Stryker moves behind Gemini and picks him up, turning him as he lifts his waist above his head.

He drops Gemini on his head, expertly playing on that Vegas neck injury. Thud!

Gemini collapses in a rubbery heap.

Silence.

A ringing bell finally brings the carnage to a merciful halt. Gemini lays face down on the mat as Stryker stalks the perimeter of the ring and waves to the crowd. Stryker sees his smiling son bouncing in his chair, waving a Stryker Nash pennant above his green face. Ally leans over and hugs him, smiling.

Stryker’s heart is full.

Gemini doesn’t get up. A pair of emergency medical technicians climb through the Plexiglas and ropes and flip the wrestler’s beaten body over. Gemini’s arm shoots straight up and he gives the crowd a thumbs-up. His neck is just broken, no biggie.

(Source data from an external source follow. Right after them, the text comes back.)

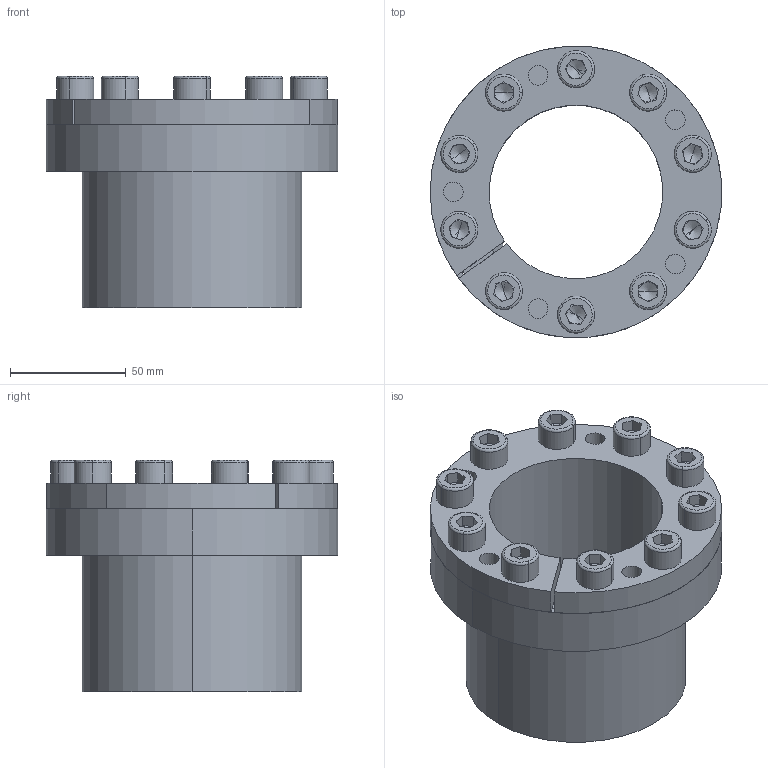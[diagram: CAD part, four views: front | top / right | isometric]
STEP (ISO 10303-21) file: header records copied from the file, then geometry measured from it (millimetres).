
FILE_DESCRIPTION (( 'STEP AP214' ), '1' );
FILE_NAME ('CONEX-B-75x95.step', '2013-04-04T12:42:23', ( 'Pc' ), ( '' ), 'SwSTEP 2.0', 'SolidWorks 2013', '' );
FILE_SCHEMA (( 'AUTOMOTIVE_DESIGN' ));
Length unit declared in the file: millimetre
Products named in the file (1): CONEX-B-75x95
Bounding box: 126 x 126 x 100 mm (x, y, z)
Volume: 379578.4 mm3; surface area: 153992.1 mm2
Topology: 13 solids, 13 shells, 360 faces, 828 edges, 494 vertices
Faces by surface type: plane 162, cylinder 106, torus 46, cone 46
Entity records: 14252 total; most frequent: DIRECTION 1916, CARTESIAN_POINT 1711, ORIENTED_EDGE 1616, EDGE_CURVE 808, AXIS2_PLACEMENT_3D 755, VERTEX_POINT 494, EDGE_LOOP 432, LINE 406

A renewed cheer wafts to the rafters.

Drake Murray storms onto the stage, grabbing the emcee’s mic.

“Wait just a minute, bro, this ain’t over yet,” Drake shouts. “All you idiots, shut up! This was a screwjob of the first order.” Ten thousand hushed conversations ripple through the crowd. “I demand a rematch! You hear that, Short Bus?” He looks over to Ally. Her smile transforms to a look of confusion. Stryker waves her up into the ring. She finally climbs up and stands next to him, staring at Drake Murray. “It took you long enough to haul that fat can up here, Short Bus.”

The crowd is stunned back into silence.

Then they begin booing and throwing stuff. Full souvenir cups full of beer and Coke smash and splash against the Plexiglas. Gemini is loaded onto a stretcher and dragged down the aisle, to the dressing room. Someone dumps their beer over his head. It gets in his eyes and mixes with his tears.

“Short Bus, I am going to kick your ass!” Yeah, this is what his staff of pansy writers came up with. Weak. Murray wants a full invasion storyline, but they’re still working on that. He’s working on finding new writers, ones who know what the fuck they’re doing. Ally just hired some that he let go years ago. Those guys have gotten better. She’s got a great storyline going with Raven and Lestat. It has given Murray his first peptic ulcer.